Dutch ingenuity resonates everywhere in the Netherlands. From the eco-friendly design of the country’s universities to its economical infrastructure, the impact of its own innovation is staggering. The Netherlands is where greenhouses were invented to compensate for a restrictive climate. Those greenhouses now contribute to the country’s standing as the world’s largest flower producer, and to the fact that Dutch farmers produce 2.5 times more food per acre than any other EU country. Even more acclaimed are the Netherlands’ meticulously engineered dikes and polders, structures that have, for centuries, protected its cities from being swallowed by the sea.

Open innovation is the watchword flashed amidst an influx of key mechatronics producers there. Besides cheese and tulips, the modern Port of Rotterdam facilitates the export of their high-tech components. In fact, 80 percent of the machines used to produce the world’s microchips are supplied by Dutch semiconductor company, ASML, alone. It’s the regional presence of these special components manufacturers and vertical market leaders, including Philips, DAF/Paccar, Tesla Logistics, Thales and NXP that makes the Netherlands an important incubator for industry-specific robotic solutions.

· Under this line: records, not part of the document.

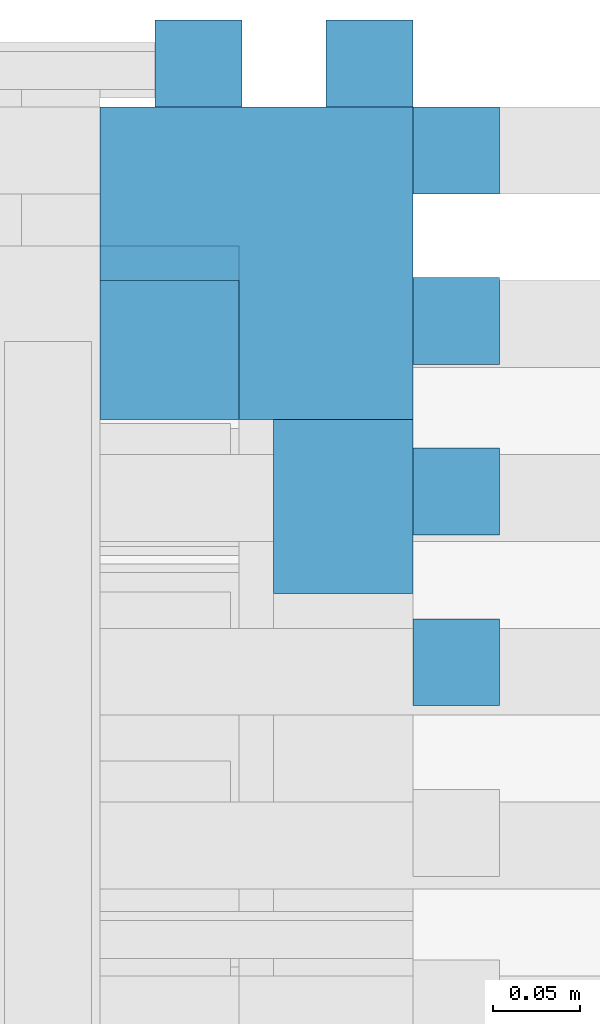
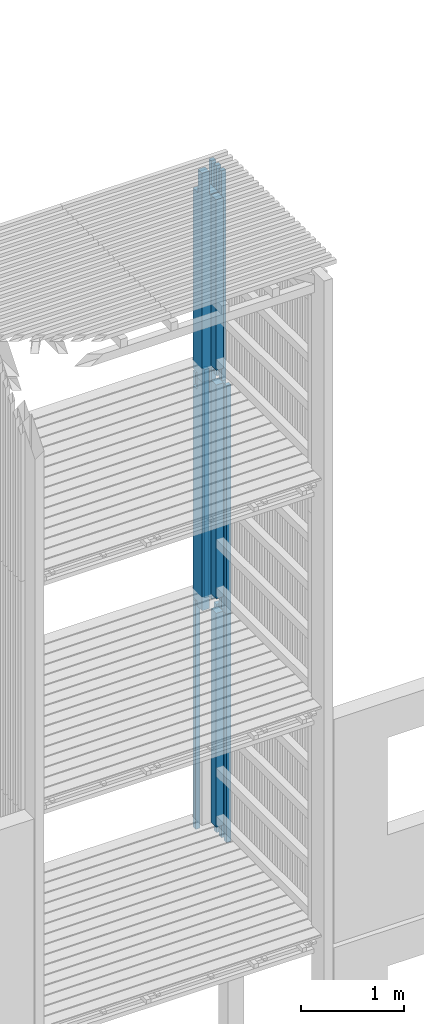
# One storey, part 57 of 182: 17 beams.
"""IFC2X3 building model written with IfcOpenShell, lengths in metres."""

from ifc_helpers import new_model, si_unit, frame, origin, place, context, project, spatial, faceted_brep, element, save


model = new_model("IFC2X3")

# Units and contexts
model_context = context("Model", 3, precision=1e-06, world=origin())
ifc_project = project(units=[si_unit("LENGTHUNIT", "METRE"), si_unit("PLANEANGLEUNIT", "RADIAN")], contexts=[model_context])

# Site, building, storey
site = spatial("IfcSite", under=ifc_project, CompositionType="ELEMENT")
building = spatial("IfcBuilding", under=site, CompositionType="ELEMENT")
storey = spatial("IfcBuildingStorey", under=building, Name="vs", CompositionType="ELEMENT", Elevation=-0.85)

# Beams
placement = place(None, origin())
beam_1_placement = place(placement, frame((16.67919731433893, 12.746895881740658, 2.575000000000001), z_axis=(-1.0, 0.0, 0.0), x_axis=(0.0, 0.0, 1.0)))
element("IfcBeam", 1, at=beam_1_placement, inside=storey, Name="Bardage", context=model_context, shape_type="Brep", body=[
    faceted_brep([(0.0, -0.025000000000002, 0.024999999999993), (0.0, 0.024999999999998, 0.024999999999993), (0.0, 0.024999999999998, -0.025000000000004), (0.0, -0.025000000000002, -0.025000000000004), (2.699961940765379, 0.025000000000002, -0.025000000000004), (2.699961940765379, 0.025000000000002, 0.024999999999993), (2.699961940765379, -0.025000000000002, 0.024999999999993), (2.699961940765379, -0.025000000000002, -0.025000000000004), (0.0, -0.025000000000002, -0.025000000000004), (0.0, 0.024999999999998, -0.025000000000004), (2.699961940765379, 0.025000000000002, -0.025000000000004), (2.699961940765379, -0.025000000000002, -0.025000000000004), (2.699961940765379, 0.025000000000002, -0.025000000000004), (0.0, 0.024999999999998, -0.025000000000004), (0.0, 0.024999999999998, 0.024999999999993), (2.699961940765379, 0.025000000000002, 0.024999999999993), (2.699961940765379, 0.025000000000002, 0.024999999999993), (0.0, 0.024999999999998, 0.024999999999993), (0.0, -0.025000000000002, 0.024999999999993), (2.699961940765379, -0.025000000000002, 0.024999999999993), (2.699961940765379, -0.025000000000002, 0.024999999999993), (0.0, -0.025000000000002, 0.024999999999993), (0.0, -0.025000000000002, -0.025000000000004), (2.699961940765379, -0.025000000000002, -0.025000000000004)], [[[0, 1, 2, 3]], [[4, 5, 6, 7]], [[8, 9, 10, 11]], [[12, 13, 14, 15]], [[16, 17, 18, 19]], [[20, 21, 22, 23]]]),
])
beam_2_placement = place(placement, frame((16.67919731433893, 12.746895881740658, 7.974999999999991), z_axis=(-1.0, 0.0, 0.0), x_axis=(0.0, 0.0, 1.0)))
element("IfcBeam", 2, at=beam_2_placement, inside=storey, Name="Bardage", context=model_context, shape_type="Brep", body=[
    faceted_brep([(2.479999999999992, -0.025000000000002, 0.024999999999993), (2.479999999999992, -0.025000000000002, -0.025000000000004), (2.479999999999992, 0.025000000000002, -0.025000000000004), (2.479999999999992, 0.025000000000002, 0.024999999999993), (0.0, 0.024999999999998, 0.024999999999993), (0.0, -0.025000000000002, 0.024999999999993), (2.479999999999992, -0.025000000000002, 0.024999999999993), (2.479999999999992, 0.025000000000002, 0.024999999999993), (0.0, -0.025000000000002, 0.024999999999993), (0.0, 0.024999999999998, 0.024999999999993), (0.0, 0.024999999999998, -0.025000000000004), (0.0, -0.025000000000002, -0.025000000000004), (0.0, 0.024999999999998, -0.025000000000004), (0.0, 0.024999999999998, 0.024999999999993), (2.479999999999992, 0.025000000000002, 0.024999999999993), (2.479999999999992, 0.025000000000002, -0.025000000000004), (0.0, -0.025000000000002, -0.025000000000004), (0.0, 0.024999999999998, -0.025000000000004), (2.479999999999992, 0.025000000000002, -0.025000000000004), (2.479999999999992, -0.025000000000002, -0.025000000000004), (2.479999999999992, -0.025000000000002, 0.024999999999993), (0.0, -0.025000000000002, 0.024999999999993), (0.0, -0.025000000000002, -0.025000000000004), (2.479999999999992, -0.025000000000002, -0.025000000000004)], [[[0, 1, 2, 3]], [[4, 5, 6, 7]], [[8, 9, 10, 11]], [[12, 13, 14, 15]], [[16, 17, 18, 19]], [[20, 21, 22, 23]]]),
])
beam_3_placement = place(placement, frame((16.67919731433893, 12.550532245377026, 2.575000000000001), z_axis=(-1.0, 0.0, 0.0), x_axis=(0.0, 0.0, 1.0)))
element("IfcBeam", 3, at=beam_3_placement, inside=storey, Name="Bardage", context=model_context, shape_type="Brep", body=[
    faceted_brep([(0.0, -0.025000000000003, 0.024999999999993), (0.0, 0.024999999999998, 0.024999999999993), (0.0, 0.024999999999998, -0.025000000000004), (0.0, -0.025000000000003, -0.025000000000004), (2.699961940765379, 0.024999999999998, -0.025000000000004), (2.699961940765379, 0.024999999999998, 0.024999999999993), (2.699961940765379, -0.025000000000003, 0.024999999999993), (2.699961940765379, -0.025000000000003, -0.025000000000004), (0.0, -0.025000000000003, -0.025000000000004), (0.0, 0.024999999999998, -0.025000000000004), (2.699961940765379, 0.024999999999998, -0.025000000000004), (2.699961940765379, -0.025000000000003, -0.025000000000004), (2.699961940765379, 0.024999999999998, -0.025000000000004), (0.0, 0.024999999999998, -0.025000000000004), (0.0, 0.024999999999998, 0.024999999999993), (2.699961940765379, 0.024999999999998, 0.024999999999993), (2.699961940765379, 0.024999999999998, 0.024999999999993), (0.0, 0.024999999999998, 0.024999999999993), (0.0, -0.025000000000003, 0.024999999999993), (2.699961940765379, -0.025000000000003, 0.024999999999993), (2.699961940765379, -0.025000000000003, 0.024999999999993), (0.0, -0.025000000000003, 0.024999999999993), (0.0, -0.025000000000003, -0.025000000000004), (2.699961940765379, -0.025000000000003, -0.025000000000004)], [[[0, 1, 2, 3]], [[4, 5, 6, 7]], [[8, 9, 10, 11]], [[12, 13, 14, 15]], [[16, 17, 18, 19]], [[20, 21, 22, 23]]]),
])
beam_4_placement = place(placement, frame((16.531015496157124, 12.895077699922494, 2.575000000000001), z_axis=(0.0, -1.0, 0.0), x_axis=(0.0, 0.0, 1.0)))
element("IfcBeam", 4, at=beam_4_placement, inside=storey, Name="Bardage", context=model_context, shape_type="Brep", body=[
    faceted_brep([(2.699961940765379, -0.024999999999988, 0.025000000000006), (2.699961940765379, -0.025000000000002, -0.024999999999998), (2.699961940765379, 0.024999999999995, -0.025000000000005), (2.699961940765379, 0.025000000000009, 0.024999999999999), (0.0, -0.024999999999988, 0.025000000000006), (2.699961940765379, -0.024999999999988, 0.025000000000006), (2.699961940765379, 0.025000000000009, 0.024999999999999), (0.0, 0.025000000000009, 0.024999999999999), (0.0, -0.024999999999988, 0.025000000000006), (0.0, 0.025000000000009, 0.024999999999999), (0.0, 0.024999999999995, -0.025000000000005), (0.0, -0.025000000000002, -0.024999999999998), (0.0, -0.024999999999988, 0.025000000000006), (0.0, -0.025000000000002, -0.024999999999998), (2.699961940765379, -0.025000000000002, -0.024999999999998), (2.699961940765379, -0.024999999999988, 0.025000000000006), (0.0, -0.025000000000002, -0.024999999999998), (0.0, 0.024999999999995, -0.025000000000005), (2.699961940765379, 0.024999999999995, -0.025000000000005), (2.699961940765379, -0.025000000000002, -0.024999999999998), (0.0, 0.024999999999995, -0.025000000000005), (0.0, 0.025000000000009, 0.024999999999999), (2.699961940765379, 0.025000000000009, 0.024999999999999), (2.699961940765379, 0.024999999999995, -0.025000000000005)], [[[0, 1, 2, 3]], [[4, 5, 6, 7]], [[8, 9, 10, 11]], [[12, 13, 14, 15]], [[16, 17, 18, 19]], [[20, 21, 22, 23]]]),
])
beam_5_placement = place(placement, frame((16.67919731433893, 12.845077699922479, 5.274999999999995), z_axis=(-1.0, 0.0, 0.0), x_axis=(0.0, 0.0, 1.0)))
element("IfcBeam", 5, at=beam_5_placement, inside=storey, Name="Bardage", context=model_context, shape_type="Brep", body=[
    faceted_brep([(1e-15, -0.025000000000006, 0.024999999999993), (1e-15, 0.024999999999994, 0.024999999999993), (1e-15, 0.024999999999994, -0.025000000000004), (1e-15, -0.025000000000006, -0.025000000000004), (2.699999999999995, -0.025000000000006, -0.025000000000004), (2.699999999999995, 0.024999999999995, -0.025000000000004), (2.699999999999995, 0.024999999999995, 0.024999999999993), (2.699999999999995, -0.025000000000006, 0.024999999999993), (1e-15, -0.025000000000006, 0.024999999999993), (1e-15, -0.025000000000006, -0.025000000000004), (2.699999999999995, -0.025000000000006, -0.025000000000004), (2.699999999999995, -0.025000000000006, 0.024999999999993), (2.699999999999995, -0.025000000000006, -0.025000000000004), (1e-15, -0.025000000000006, -0.025000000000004), (1e-15, 0.024999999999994, -0.025000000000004), (2.699999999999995, 0.024999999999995, -0.025000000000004), (2.699999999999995, 0.024999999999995, -0.025000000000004), (1e-15, 0.024999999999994, -0.025000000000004), (1e-15, 0.024999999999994, 0.024999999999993), (2.699999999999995, 0.024999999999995, 0.024999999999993), (2.699999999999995, 0.024999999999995, 0.024999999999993), (1e-15, 0.024999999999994, 0.024999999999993), (1e-15, -0.025000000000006, 0.024999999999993), (2.699999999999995, -0.025000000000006, 0.024999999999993)], [[[0, 1, 2, 3]], [[4, 5, 6, 7]], [[8, 9, 10, 11]], [[12, 13, 14, 15]], [[16, 17, 18, 19]], [[20, 21, 22, 23]]]),
])
beam_6_placement = place(placement, frame((16.67919731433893, 12.648714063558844, 2.575000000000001), z_axis=(-1.0, 0.0, 0.0), x_axis=(0.0, 0.0, 1.0)))
element("IfcBeam", 6, at=beam_6_placement, inside=storey, Name="Bardage", context=model_context, shape_type="Brep", body=[
    faceted_brep([(0.0, -0.025000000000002, 0.024999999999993), (0.0, 0.024999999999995, 0.024999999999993), (0.0, 0.024999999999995, -0.025000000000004), (0.0, -0.025000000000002, -0.025000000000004), (2.699961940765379, 0.024999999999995, -0.025000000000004), (2.699961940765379, 0.024999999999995, 0.024999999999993), (2.699961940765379, -0.025000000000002, 0.024999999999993), (2.699961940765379, -0.025000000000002, -0.025000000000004), (0.0, -0.025000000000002, -0.025000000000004), (0.0, 0.024999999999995, -0.025000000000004), (2.699961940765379, 0.024999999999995, -0.025000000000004), (2.699961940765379, -0.025000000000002, -0.025000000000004), (2.699961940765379, 0.024999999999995, -0.025000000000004), (0.0, 0.024999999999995, -0.025000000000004), (0.0, 0.024999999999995, 0.024999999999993), (2.699961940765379, 0.024999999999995, 0.024999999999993), (2.699961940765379, 0.024999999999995, 0.024999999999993), (0.0, 0.024999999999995, 0.024999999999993), (0.0, -0.025000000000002, 0.024999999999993), (2.699961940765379, -0.025000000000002, 0.024999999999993), (2.699961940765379, -0.025000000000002, 0.024999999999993), (0.0, -0.025000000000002, 0.024999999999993), (0.0, -0.025000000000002, -0.025000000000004), (2.699961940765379, -0.025000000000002, -0.025000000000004)], [[[0, 1, 2, 3]], [[4, 5, 6, 7]], [[8, 9, 10, 11]], [[12, 13, 14, 15]], [[16, 17, 18, 19]], [[20, 21, 22, 23]]]),
])
beam_7_placement = place(placement, frame((16.564197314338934, 12.780077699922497, 7.979999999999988), z_axis=(0.0, -1.0, 0.0), x_axis=(0.0, 0.0, 1.0)))
element("IfcBeam", 7, at=beam_7_placement, inside=storey, Name="Poteau", context=model_context, shape_type="Brep", body=[
    faceted_brep([(2.474999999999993, 0.009999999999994, 0.089999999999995), (2.474999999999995, 0.009999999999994, 0.009999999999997), (2.474999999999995, 0.090000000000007, 0.009999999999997), (2.474999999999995, 0.090000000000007, 0.089999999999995), (2.194999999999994, 0.009999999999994, 0.089999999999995), (2.194999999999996, 0.009999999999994, 0.009999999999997), (2.474999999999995, 0.009999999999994, 0.009999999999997), (2.474999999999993, 0.009999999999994, 0.089999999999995), (2.194999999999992, -0.09, 0.089999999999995), (2.194999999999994, -0.09, -0.090000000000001), (2.194999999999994, 0.090000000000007, -0.090000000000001), (2.194999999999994, 0.090000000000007, 0.009999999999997), (2.194999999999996, 0.009999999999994, 0.009999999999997), (2.194999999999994, 0.009999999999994, 0.089999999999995), (2.474999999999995, 0.090000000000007, 0.009999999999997), (2.474999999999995, 0.009999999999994, 0.009999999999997), (2.194999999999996, 0.009999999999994, 0.009999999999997), (2.194999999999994, 0.090000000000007, 0.009999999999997), (0.059999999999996, 0.090000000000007, -0.010000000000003), (-1e-15, 0.090000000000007, -0.010000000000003), (-1e-15, 0.090000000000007, 0.089999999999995), (2.474999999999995, 0.090000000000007, 0.089999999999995), (2.474999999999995, 0.090000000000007, 0.009999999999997), (2.194999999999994, 0.090000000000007, 0.009999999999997), (2.194999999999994, 0.090000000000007, -0.090000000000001), (0.059999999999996, 0.090000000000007, -0.090000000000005), (0.139999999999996, -0.09, 0.089999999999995), (0.139999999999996, 0.009999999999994, 0.089999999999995), (0.139999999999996, 0.009999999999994, -0.090000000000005), (0.139999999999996, -0.09, -0.090000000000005), (-1e-15, 0.090000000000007, -0.010000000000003), (0.059999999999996, 0.090000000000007, -0.010000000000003), (0.059999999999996, 0.009999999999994, -0.009999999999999), (-1e-15, 0.009999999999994, -0.010000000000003), (-1e-15, 0.090000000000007, 0.089999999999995), (-1e-15, 0.090000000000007, -0.010000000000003), (-1e-15, 0.009999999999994, -0.010000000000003), (-1e-15, 0.009999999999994, 0.089999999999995), (0.139999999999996, 0.009999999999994, -0.090000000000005), (0.139999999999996, 0.009999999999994, 0.089999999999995), (-1e-15, 0.009999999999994, 0.089999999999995), (-1e-15, 0.009999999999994, -0.010000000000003), (0.059999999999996, 0.009999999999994, -0.009999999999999), (0.059999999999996, 0.009999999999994, -0.090000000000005), (0.059999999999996, 0.009999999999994, -0.090000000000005), (0.059999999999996, 0.009999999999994, -0.009999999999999), (0.059999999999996, 0.090000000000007, -0.010000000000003), (0.059999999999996, 0.090000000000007, -0.090000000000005), (0.139999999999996, -0.09, -0.090000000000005), (0.139999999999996, 0.009999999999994, -0.090000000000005), (0.059999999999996, 0.009999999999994, -0.090000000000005), (0.059999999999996, 0.090000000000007, -0.090000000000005), (2.194999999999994, 0.090000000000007, -0.090000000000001), (2.194999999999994, -0.09, -0.090000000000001), (2.194999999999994, -0.09, -0.090000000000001), (2.194999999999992, -0.09, 0.089999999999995), (0.139999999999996, -0.09, 0.089999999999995), (0.139999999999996, -0.09, -0.090000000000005), (-1e-15, 0.090000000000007, 0.089999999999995), (-1e-15, 0.009999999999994, 0.089999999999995), (0.139999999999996, 0.009999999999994, 0.089999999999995), (0.139999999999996, -0.09, 0.089999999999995), (2.194999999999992, -0.09, 0.089999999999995), (2.194999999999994, 0.009999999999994, 0.089999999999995), (2.474999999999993, 0.009999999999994, 0.089999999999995), (2.474999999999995, 0.090000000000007, 0.089999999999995)], [[[0, 1, 2, 3]], [[4, 5, 6, 7]], [[8, 9, 10, 11, 12, 13]], [[14, 15, 16, 17]], [[18, 19, 20, 21, 22, 23, 24, 25]], [[26, 27, 28, 29]], [[30, 31, 32, 33]], [[34, 35, 36, 37]], [[38, 39, 40, 41, 42, 43]], [[44, 45, 46, 47]], [[48, 49, 50, 51, 52, 53]], [[54, 55, 56, 57]], [[58, 59, 60, 61, 62, 63, 64, 65]]]),
])
beam_8_placement = place(placement, frame((16.67919731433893, 12.648714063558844, 5.274999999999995), z_axis=(-1.0, 0.0, 0.0), x_axis=(0.0, 0.0, 1.0)))
element("IfcBeam", 8, at=beam_8_placement, inside=storey, Name="Bardage", context=model_context, shape_type="Brep", body=[
    faceted_brep([(1e-15, -0.025000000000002, 0.024999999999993), (1e-15, 0.024999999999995, 0.024999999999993), (1e-15, 0.024999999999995, -0.025000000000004), (1e-15, -0.025000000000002, -0.025000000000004), (2.699999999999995, -0.025000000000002, -0.025000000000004), (2.699999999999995, 0.024999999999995, -0.025000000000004), (2.699999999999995, 0.024999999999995, 0.024999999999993), (2.699999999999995, -0.025000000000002, 0.024999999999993), (1e-15, -0.025000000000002, 0.024999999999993), (1e-15, -0.025000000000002, -0.025000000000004), (2.699999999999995, -0.025000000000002, -0.025000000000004), (2.699999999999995, -0.025000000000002, 0.024999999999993), (2.699999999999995, -0.025000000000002, -0.025000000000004), (1e-15, -0.025000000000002, -0.025000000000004), (1e-15, 0.024999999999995, -0.025000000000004), (2.699999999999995, 0.024999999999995, -0.025000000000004), (2.699999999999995, 0.024999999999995, -0.025000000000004), (1e-15, 0.024999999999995, -0.025000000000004), (1e-15, 0.024999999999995, 0.024999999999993), (2.699999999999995, 0.024999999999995, 0.024999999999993), (2.699999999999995, 0.024999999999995, 0.024999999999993), (1e-15, 0.024999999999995, 0.024999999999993), (1e-15, -0.025000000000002, 0.024999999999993), (2.699999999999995, -0.025000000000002, 0.024999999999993)], [[[0, 1, 2, 3]], [[4, 5, 6, 7]], [[8, 9, 10, 11]], [[12, 13, 14, 15]], [[16, 17, 18, 19]], [[20, 21, 22, 23]]]),
])
beam_9_placement = place(placement, frame((16.614197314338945, 12.640077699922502, 2.746999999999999), z_axis=(0.0, -1.0, 0.0), x_axis=(0.0, 0.0, 1.0)))
element("IfcBeam", 9, at=beam_9_placement, inside=storey, Name="Support bardage", context=model_context, shape_type="Brep", body=[
    faceted_brep([(2.527961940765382, -0.039999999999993, -0.05), (2.527961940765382, 0.04000000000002, -0.05), (2.527961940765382, 0.04000000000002, 0.050000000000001), (2.527961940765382, -0.039999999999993, 0.050000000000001), (0.0, -0.039999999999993, 0.050000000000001), (0.0, -0.039999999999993, -0.05), (2.527961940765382, -0.039999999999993, -0.05), (2.527961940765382, -0.039999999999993, 0.050000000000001), (0.0, -0.039999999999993, -0.05), (0.0, -0.039999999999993, 0.050000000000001), (0.0, 0.04000000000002, 0.050000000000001), (0.0, 0.04000000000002, -0.05), (2.527961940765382, -0.039999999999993, -0.05), (0.0, -0.039999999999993, -0.05), (0.0, 0.04000000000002, -0.05), (2.527961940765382, 0.04000000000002, -0.05), (2.527961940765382, 0.04000000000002, -0.05), (0.0, 0.04000000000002, -0.05), (0.0, 0.04000000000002, 0.050000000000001), (2.527961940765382, 0.04000000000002, 0.050000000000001), (2.527961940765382, 0.04000000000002, 0.050000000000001), (0.0, 0.04000000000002, 0.050000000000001), (0.0, -0.039999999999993, 0.050000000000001), (2.527961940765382, -0.039999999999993, 0.050000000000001)], [[[0, 1, 2, 3]], [[4, 5, 6, 7]], [[8, 9, 10, 11]], [[12, 13, 14, 15]], [[16, 17, 18, 19]], [[20, 21, 22, 23]]]),
])
beam_10_placement = place(placement, frame((16.531015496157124, 12.895077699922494, 5.274999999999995), z_axis=(0.0, -1.0, 0.0), x_axis=(0.0, 0.0, 1.0)))
element("IfcBeam", 10, at=beam_10_placement, inside=storey, Name="Bardage", context=model_context, shape_type="Brep", body=[
    faceted_brep([(2.699999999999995, 0.025000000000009, 0.024999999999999), (2.699999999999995, -0.024999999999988, 0.025000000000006), (2.699999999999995, -0.025000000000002, -0.024999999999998), (2.699999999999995, 0.024999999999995, -0.025000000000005), (1e-15, 0.025000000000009, 0.024999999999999), (2.699999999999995, 0.025000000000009, 0.024999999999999), (2.699999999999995, 0.024999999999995, -0.025000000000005), (1e-15, 0.024999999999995, -0.025000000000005), (1e-15, -0.024999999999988, 0.025000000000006), (1e-15, 0.025000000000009, 0.024999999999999), (1e-15, 0.024999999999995, -0.025000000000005), (1e-15, -0.025000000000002, -0.024999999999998), (1e-15, 0.025000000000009, 0.024999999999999), (1e-15, -0.024999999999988, 0.025000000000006), (2.699999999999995, -0.024999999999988, 0.025000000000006), (2.699999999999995, 0.025000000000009, 0.024999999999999), (1e-15, -0.024999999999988, 0.025000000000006), (1e-15, -0.025000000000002, -0.024999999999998), (2.699999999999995, -0.025000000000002, -0.024999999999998), (2.699999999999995, -0.024999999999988, 0.025000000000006), (1e-15, -0.025000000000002, -0.024999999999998), (1e-15, 0.024999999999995, -0.025000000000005), (2.699999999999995, 0.024999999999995, -0.025000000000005), (2.699999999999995, -0.025000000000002, -0.024999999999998)], [[[0, 1, 2, 3]], [[4, 5, 6, 7]], [[8, 9, 10, 11]], [[12, 13, 14, 15]], [[16, 17, 18, 19]], [[20, 21, 22, 23]]]),
])
beam_11_placement = place(placement, frame((16.62919731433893, 12.895077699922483, 5.274999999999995), z_axis=(0.0, -1.0, 0.0), x_axis=(0.0, 0.0, 1.0)))
element("IfcBeam", 11, at=beam_11_placement, inside=storey, Name="Bardage", context=model_context, shape_type="Brep", body=[
    faceted_brep([(2.699999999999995, 0.025000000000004, 0.025000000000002), (2.699999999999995, -0.025000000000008, 0.025000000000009), (2.699999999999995, -0.025000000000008, -0.024999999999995), (2.699999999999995, 0.02499999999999, -0.025000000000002), (1e-15, 0.025000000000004, 0.025000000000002), (2.699999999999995, 0.025000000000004, 0.025000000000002), (2.699999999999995, 0.02499999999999, -0.025000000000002), (1e-15, 0.02499999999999, -0.025000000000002), (1e-15, -0.025000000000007, 0.025000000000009), (1e-15, 0.025000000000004, 0.025000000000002), (1e-15, 0.02499999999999, -0.025000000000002), (1e-15, -0.025000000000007, -0.024999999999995), (1e-15, 0.025000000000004, 0.025000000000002), (1e-15, -0.025000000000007, 0.025000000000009), (2.699999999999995, -0.025000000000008, 0.025000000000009), (2.699999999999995, 0.025000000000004, 0.025000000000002), (1e-15, -0.025000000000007, 0.025000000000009), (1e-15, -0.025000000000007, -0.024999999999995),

“I think we will advance because we are doing mechatronics in this region. So we can really design for accuracy,” says Dr. Maarten Steinbuch, a professor in Systems and Control and head of the Control Systems Technology group of the Mechanical Engineering Department at Eindhoven University of Technology. “That is our profession, basically. I believe that we can make a difference in that way.”

The modern Netherlands now faces a new set of socioeconomic challenges, which call for an increased investment in robotics. Sharing a similar fate as Japan and Italy, 50 percent of the Netherlands’ population is expected to be over the age of 65 by 2050, which underscores the urgent need for reliable home healthcare robots within the next 10 years. Add to that labor costs and the inverse relationship between food production and farm workers worldwide, and this agricultural center has its work cut out for it.

Brainport

Lely’s $390 million robotic milking enterprise is impressive, but a look under the hood at Dutch robotics reveals a hotbed of research invested in domestic care, robotic surgery and crop farming as well. The bulk of that innovation flows from a cluster of technical universities and the Netherlands’ aptly named “Brainport,” a bustling technology center located in the southern region of Eindhoven.

Currently, 50 percent of all patent applications in the Netherlands come out of Eindhoven. Collaborations between university researchers and high-tech manufacturers there are enabling new technologies in the same way that the country’s internationally renowned Airport at Schipol and Seaport at Rotterdam facilitate its daily commerce.

Four educational institutions sit at the center of the next wave of robotic innovation in the country:University of Twente, Delft University of Technology, Eindhoven University of Technology and Wageningen University.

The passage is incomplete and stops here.